1

From wikipedia https://en.wikipedia.org/wiki/Digital_signature#How_they_work and other articles I see that: "There are several reasons to sign such a hash (or message digest) instead of the whole document." But they are related to RSA.

Does it make sense to follow this rule for Ed25519 signature scheme?

Squeamish Ossifrage
  • 48,392
  • 3
  • 116
  • 223
  • FYI, Ed25519 is not ECDSA. ECDSA is an archaic badly designed signature scheme that involves elliptic curve cryptography; Ed25519 is a modern well-designed signature scheme that also involves elliptic curve cryptography. See https://blog.cr.yp.to/20140323-ecdsa.html for the technical details of how they are related and different. – Squeamish Ossifrage Feb 08 '18 at 17:34
  • @SqueamishOssifrage I thought EdDSA is ECDSA with Curve25519. – Melab Feb 09 '18 at 00:58
  • 1
    EdDSA is an entirely different algorithm. It's an elliptic curve digital signature algorithm, but it bears pretty much no relation to ECDSA. ECDSA is just an overly general name for a very specific standardized algorithm. – SAI Peregrinus Feb 09 '18 at 01:39
  • @Melab Follow the link https://blog.cr.yp.to/20140323-ecdsa.html for the details! Ed25519 is EdDSA with (a twisted Edwards curve birationally equivalent to) Curve25519; ECDSA is a completely different family of cryptosystems altogether. – Squeamish Ossifrage Feb 09 '18 at 02:43

1 Answers1

4

Quick answer: You do not have to hash the inputs to Ed25519 because hashing is already part of Ed25519 itself. If you do hash inputs in advance, you become vulnerable to collisions in the hash function you use.

Longer answer:

This rule does not make sense, period, because hashing is an integral part of a secure signature scheme. It is a design principle to use a hash function to compress a message into an element of a mathematical structure that can be combined with a private key to yield a signature verifiable by the related public key. This was first described by Michael Rabin in 1979. Today, every serious signature scheme involves a hash of the message as a first step, with some variations. Any system or textbook that tries to separate the steps of ‘hashing and then signing’ is dangerous.

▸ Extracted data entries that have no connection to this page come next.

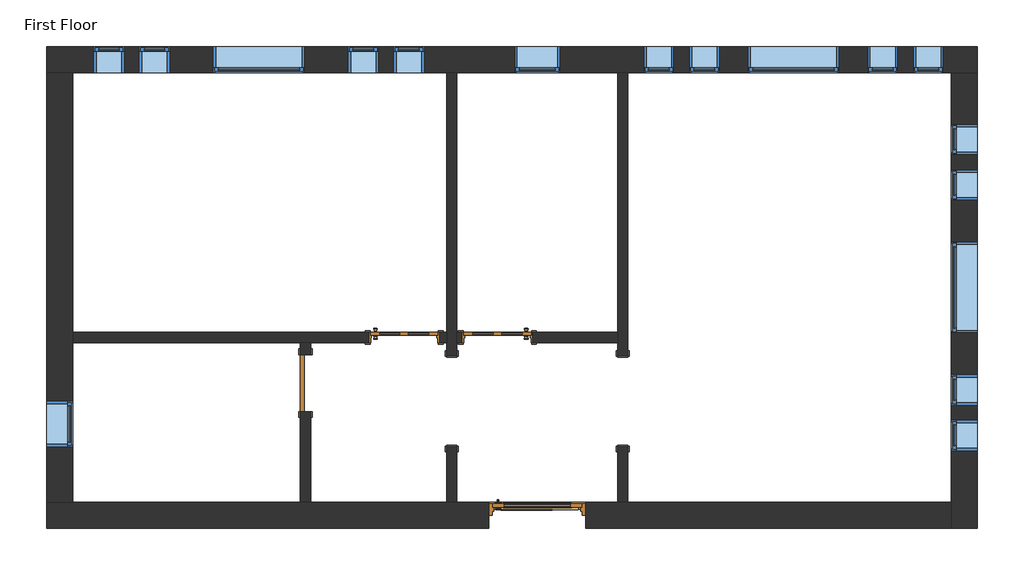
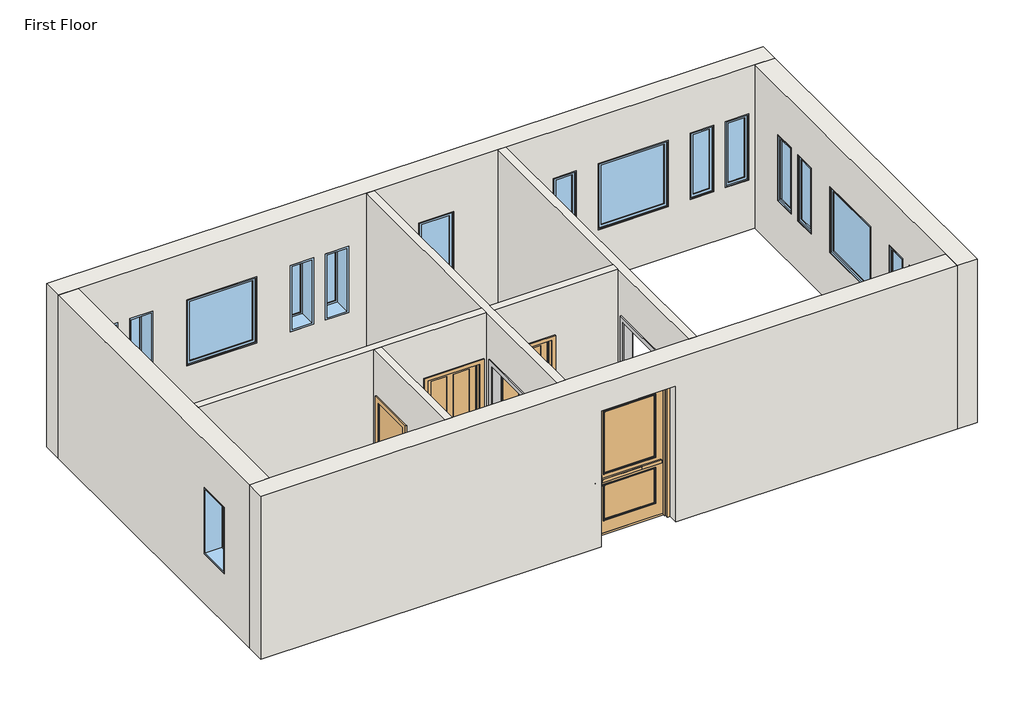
# One storey: 17 windows, 8 walls, 4 doors, 2 proxies.
"""IFC4 building model written with IfcOpenShell, lengths in millimetres."""

from ifc_helpers import new_model, si_unit, frame, origin, place, context, project, spatial, polyline, outline, extrude, faceted_brep, transform, mapped, element, save
from components import m_passage_opening_cased_1220_x_2134_mm_87a8d9c2, m_door_exterior_single_two_lite_1200_x_2400mm_30e12bfc, m_door_interior_single_4_panel_wood_900_x_2100mm_1f4ed184, m_door_interior_single_4_panel_wood_900_x_2100mm_40914eee, m_single_flush_0762_x_2134mm_0d89e411, m_fixed_0406_x_1220mm_57fee329, m_fixed_0406_x_1220mm_85c28f40, m_fixed_0610_x_1220mm_2c28ef1d, m_fixed_1220_x_1220_e08ff7af

model = new_model("IFC4")

# Units and contexts
model_context = context("Model", 3, world=origin())
ifc_project = project(units=[si_unit("LENGTHUNIT", "METRE", prefix="MILLI")], contexts=[model_context])

# Site, building, storey
site = spatial("IfcSite", under=ifc_project)
building = spatial("IfcBuilding", under=site)
storey = spatial("IfcBuildingStorey", under=building, Name="First Floor", Elevation=0.0)

# Proxies
placement = place(None, origin())
m_passage_opening_cased_1220_x_2134_mm_shape = m_passage_opening_cased_1220_x_2134_mm_87a8d9c2(model_context)
element("IfcBuildingElementProxy", 1, Name="M_Passage Opening-Cased : 1220 x 2134 mm", ObjectType="M_Passage Opening-Cased : 1220 x 2134 mm", at=placement, inside=storey, context=model_context, shape_type="MappedRepresentation", body=[
    mapped(m_passage_opening_cased_1220_x_2134_mm_shape, transform((-10841.0930086, 9462.255705, 0.0), x_axis=(0.0, 1.0, 0.0), y_axis=(-1.0, 0.0, 0.0), z_axis=(0.0, 0.0, 1.0))),
])
element("IfcBuildingElementProxy", 2, Name="M_Passage Opening-Cased : 1220 x 2134 mm", ObjectType="M_Passage Opening-Cased : 1220 x 2134 mm", at=placement, inside=storey, context=model_context, shape_type="MappedRepresentation", body=[
    mapped(m_passage_opening_cased_1220_x_2134_mm_shape, transform((-13127.0930086, 9445.8783915, 0.0), x_axis=(0.0, -1.0, 0.0), y_axis=(1.0, 0.0, 0.0), z_axis=(0.0, 0.0, 1.0))),
])

# Doors
m_door_exterior_single_two_lite_1200_x_2400mm_shape = m_door_exterior_single_two_lite_1200_x_2400mm_30e12bfc(model_context)
element("IfcDoor", 3, ObjectType="M_Door-Exterior-Single-Two_Lite : 1200 x 2400mm", at=placement, inside=storey, context=model_context, shape_type="MappedRepresentation", body=[
    mapped(m_door_exterior_single_two_lite_1200_x_2400mm_shape, transform((-11984.0930086, 7923.7170483, 0.0), x_axis=(1.0, 0.0, 0.0), y_axis=(0.0, 1.0, 0.0), z_axis=(0.0, 0.0, 1.0))),
])
m_door_interior_single_4_panel_wood_900_x_2100mm_shape = m_door_interior_single_4_panel_wood_900_x_2100mm_1f4ed184(model_context)
element("IfcDoor", 4, ObjectType="M_Door-Interior-Single-4_Panel-Wood : 900 x 2100mm", at=placement, inside=storey, context=model_context, shape_type="MappedRepresentation", body=[
    mapped(m_door_interior_single_4_panel_wood_900_x_2100mm_shape, transform((-12518.0930086, 10309.9920483, 0.0), x_axis=(-1.0, 0.0, 0.0), y_axis=(0.0, -1.0, 0.0), z_axis=(0.0, 0.0, 1.0))),
])
m_door_interior_single_4_panel_wood_900_x_2100mm_2_shape = m_door_interior_single_4_panel_wood_900_x_2100mm_40914eee(model_context)
element("IfcDoor", 5, ObjectType="M_Door-Interior-Single-4_Panel-Wood : 900 x 2100mm", at=placement, inside=storey, context=model_context, shape_type="MappedRepresentation", body=[
    mapped(m_door_interior_single_4_panel_wood_900_x_2100mm_2_shape, transform((-13766.0930086, 10309.9920483, 0.0), x_axis=(1.0, 0.0, 0.0), y_axis=(0.0, 1.0, 0.0), z_axis=(0.0, 0.0, 1.0))),
])
m_single_flush_0762_x_2134mm_shape = m_single_flush_0762_x_2134mm_0d89e411(model_context)
element("IfcDoor", 6, ObjectType="M_Single-Flush : 0762 x 2134mm", at=placement, inside=storey, context=model_context, shape_type="MappedRepresentation", body=[
    mapped(m_single_flush_0762_x_2134mm_shape, transform((-15086.0930086, 9696.8170483, 0.0), x_axis=(0.0, 1.0, 0.0), y_axis=(-1.0, 0.0, 0.0), z_axis=(0.0, 0.0, 1.0))),
])

# Walls
element("IfcWall", 7, ObjectType="Exterior - Brick on Mtl. Stud", at=placement, inside=storey, context=model_context, shape_type="Brep", body=[
    faceted_brep([(-18551.8430086, 13851.0670483, 0.0), (-18201.8430086, 13851.0670483, 0.0), (-13194.8430086, 13851.0670483, 0.0), (-13059.3430086, 13851.0670483, 0.0), (-10908.8430086, 13851.0670483, 0.0), (-10773.3430086, 13851.0670483, 0.0), (-6444.0930086, 13851.0670483, 0.0), (-6094.0930086, 13851.0670483, 0.0), (-6094.0930086, 13851.0670483, 3000.0), (-6444.0930086, 13851.0670483, 3000.0), (-10773.3430086, 13851.0670483, 3000.0), (-10908.8430086, 13851.0670483, 3000.0), (-13059.3430086, 13851.0670483, 3000.0), (-13194.8430086, 13851.0670483, 3000.0), (-18201.8430086, 13851.0670483, 3000.0), (-18551.8430086, 13851.0670483, 3000.0), (-11679.0930086, 13851.0670483, 915.0), (-12289.0930086, 13851.0670483, 915.0), (-12289.0930086, 13851.0670483, 2135.0), (-11679.0930086, 13851.0670483, 2135.0), (-15099.8430086, 13851.0670483, 915.0), (-16319.8430086, 13851.0670483, 915.0), (-16319.8430086, 13851.0670483, 2135.0), (-15099.8430086, 13851.0670483, 2135.0), (-7945.0930086, 13851.0670483, 915.0), (-9165.0930086, 13851.0670483, 915.0), (-9165.0930086, 13851.0670483, 2135.0), (-7945.0930086, 13851.0670483, 2135.0), (-17919.4430086, 13851.0670483, 915.0), (-17919.4430086, 13851.0670483, 2135.0), (-17513.4430086, 13851.0670483, 2135.0), (-17513.4430086, 13851.0670483, 915.0), (-17309.8430086, 13851.0670483, 915.0), (-17309.8430086, 13851.0670483, 2135.0), (-16903.8430086, 13851.0670483, 2135.0), (-16903.8430086, 13851.0670483, 915.0), (-14109.8430086, 13851.0670483, 915.0), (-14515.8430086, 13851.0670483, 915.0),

Here's an example of an RSA-based signature scheme: A signature on a bit string $m$ under a public key $n$, a large integer with large prime factors, is an integer $s$ such that $$s^3 \equiv H(m) \pmod n,$$ where $H$ is a random function from bit strings to positive integers below $n$.

The hash $H$ is an integral part of this signature scheme because if you didn't use it, and instead used the equation $s^3 \equiv m \pmod n$, then I could trivially forge the signature $s = 0$ on the message $m = 0$, or $s = 2$ on the message $m = 8$. The use of $H$ means I can't use the advanced technique of computing integer cubes on my pocket slide rule to forge signatures, because I don't have a hope of finding an $m$ with any prescribed hash value.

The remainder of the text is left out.